Le projet de loi a été adopté jeudi 28 mai par 2 878 voix — seul un député a voté contre et six se sont abstenus — et Pékin a demandé son application "sans le moindre délai". Nombre de Hongkongais y voient l'atteinte la plus grave au principe "un pays, deux systèmes", censé leur garantir jusqu'en 2047 des libertés inconnues dans le reste de la Chine. L'inquiétude est partagée par certaines capitales occidentales, mais ces dernières peinent à organiser une réponse.

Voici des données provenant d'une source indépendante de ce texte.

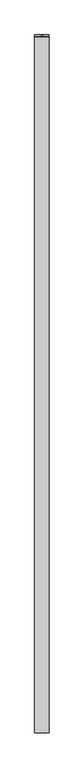
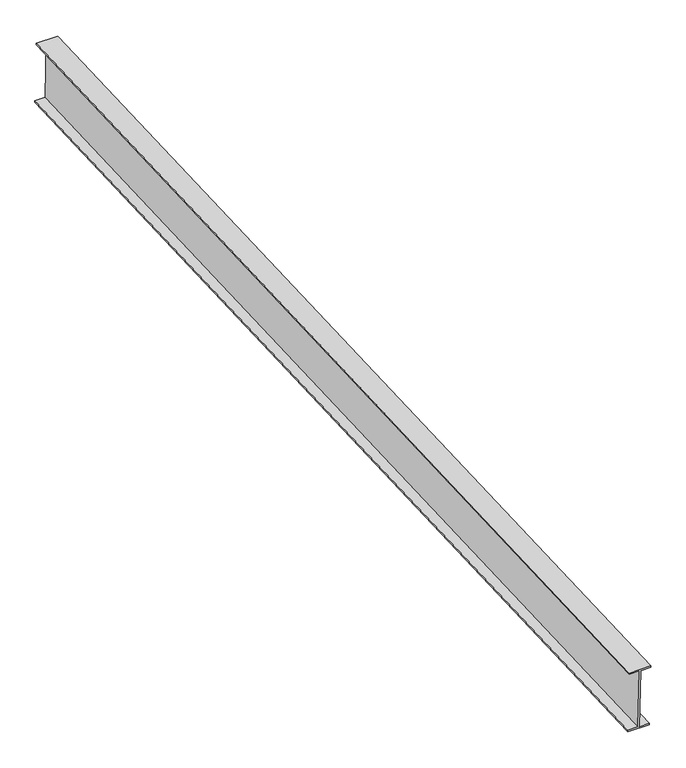
"""IFC4 building model written with IfcOpenShell, lengths in millimetres: proxy geometry, Generic Models 7:Generic Models 1:1:Generic Models 1:1 : Generic Models 7:Generic Models 1:337419:21 : Generic Models 7:Generic Models 1:1:Generic Models 1:1 : Generic Models 7:Generic Models 1:337419:306201."""

from ifc_helpers import new_model, si_unit, frame, origin, place, context, project, spatial, polyline, outline, extrude, source, transform, mapped, element, save


def generic_models_3e432a6c(model_context):
    return source(origin(), model_context, "Body", "SweptSolid", [
        extrude(outline(polyline([(126.873, 0.0), (126.873, -6.3500001), (78.994, -6.3500001), (78.994, -295.0294372), (126.873, -295.0294372), (126.873, -301.3794372), (25.527, -301.3794372), (25.527, -295.0294372), (73.406, -295.0294372), (73.406, -6.3500001), (25.527, -6.3500001), (25.527, 0.0), (126.873, 0.0)])), frame((579256.911724, -578815.1475699, 3695.4094554), z_axis=(0.0, 0.9991330730920968, 0.041630544718308224), x_axis=(-1.0, 0.0, 0.0)), (0.0, 0.0, 1.0), 4876.8),
    ])


if __name__ == "__main__":
    model = new_model("IFC4")
    model_context = context("Model", 3, world=origin())
    ifc_project = project(units=[si_unit("LENGTHUNIT", "METRE", prefix="MILLI")], contexts=[model_context])
    site = spatial("IfcSite", under=ifc_project)
    building = spatial("IfcBuilding", under=site)
    placement = place(None, origin())
    generic_models_shape = generic_models_3e432a6c(model_context)
    element("IfcBuildingElementProxy", 1, Name="Generic Models 7:Generic Models 1:1:Generic Models 1:1 : Generic Models 7:Generic Models 1:337419:21 : Generic Models 7:Generic Models 1:1:Generic Models 1:1 : Generic Models 7:Generic Models 1:337419:306201", ObjectType="Generic Models 7:Generic Models 1:1:Generic Models 1:1 : Generic Models 7:Generic Models 1:337419:21 : Generic Models 7:Generic Models 1:1:Generic Models 1:1 : Generic Models 7:Generic Models 1:337419:306201", at=placement, inside=building, context=model_context, shape_type="MappedRepresentation", body=[
        mapped(generic_models_shape, transform((0.0, 0.0, 0.0), x_axis=(1.0, 0.0, 0.0), y_axis=(0.0, 1.0, 0.0), z_axis=(0.0, 0.0, 1.0))),
    ])
    save(model, "model.ifc")

# Revit data of these elements
# Type "Generic Models 7:Generic Models 1:1:Generic Models 1:1 : Generic Models 7:Generic Models 1:337419:21 : Generic Models 7:Generic Models 1:1:Generic Models 1:1 : Generic Models 7:Generic Models 1:337419:306201"
#   NameOverride = "Generic Models 7:Generic Models 1:1:Generic Models 1:1 : Generic Models 7:Generic Models 1:337419:306201"
#   ObjectTypeOverride = "Generic Models 1:1 : Generic Models 7:Generic Models 1:337419"
#   Reference = "Generic Models 1"
#   Tag = "306201"
# Element 1 (IfcBuildingElementProxy, "Generic Models 7:Generic Models 1:1:Generic Models 1:1 : Generic Models 7:Generic Models 1:337419:21 : Generic Models 7:Generic Models 1:1:Generic Models 1:1 : Generic Models 7:Generic Models 1:337419:306201")
#   Materials on its faces: "'ZEE' SECTION (8.0x3.5Z - SEE STRUCT. DWGS)"
# Materials
#   "'ZEE' SECTION (8.0x3.5Z - SEE STRUCT. DWGS)": class "Unassigned", colour RGB 210 209 208, transparency 0, Keynote = "M05121300.02", Cost = 0

Une loi que Pékin veut voir adopter depuis longtemps

Pour Pékin, ce texte de loi est une riposte directe aux manifestations massives et souvent violentes qui ont émaillé 2019 à Hong Kong. Des manifestations que le pouvoir central considère comme des manipulations pilotées de l'étranger pour déstabiliser la Chine.

La Chine n'en est pas à son coup d'essai en matière d'expansion de ses prérogatives sur Hong Kong. En 2003, elle avait tenté de faire adopter une loi similaire au Conseil législatif local (surnommé Legco) avant de devoir reculer devant une vague de manifestations. Mais cette nouvelle méthode, avec un projet de loi présenté devant le Parlement central à Pékin a pris tout le monde de court.

"Ce fut un choc. Ça vient directement de Pékin. Un projet de loi à l'Assemblée nationale populaire, c'est quasiment une directive directe du parti communiste. C'est une violation directe de la Déclaration conjointe sino-britannique, de la loi fondamentale hongkongaise et c'est un contournement du Legco. C'est ce qui effraie les militants hongkongais", explique Dorian Malovic, chef du service Asie au journal La Croix, et auteur de plusieurs ouvrages, dont "Hong Kong: un destin chinois", interrogé par France 24. "C'est une énorme violation de la semi-autonomie de Hong Kong et une condamnation à mort pour les libertés."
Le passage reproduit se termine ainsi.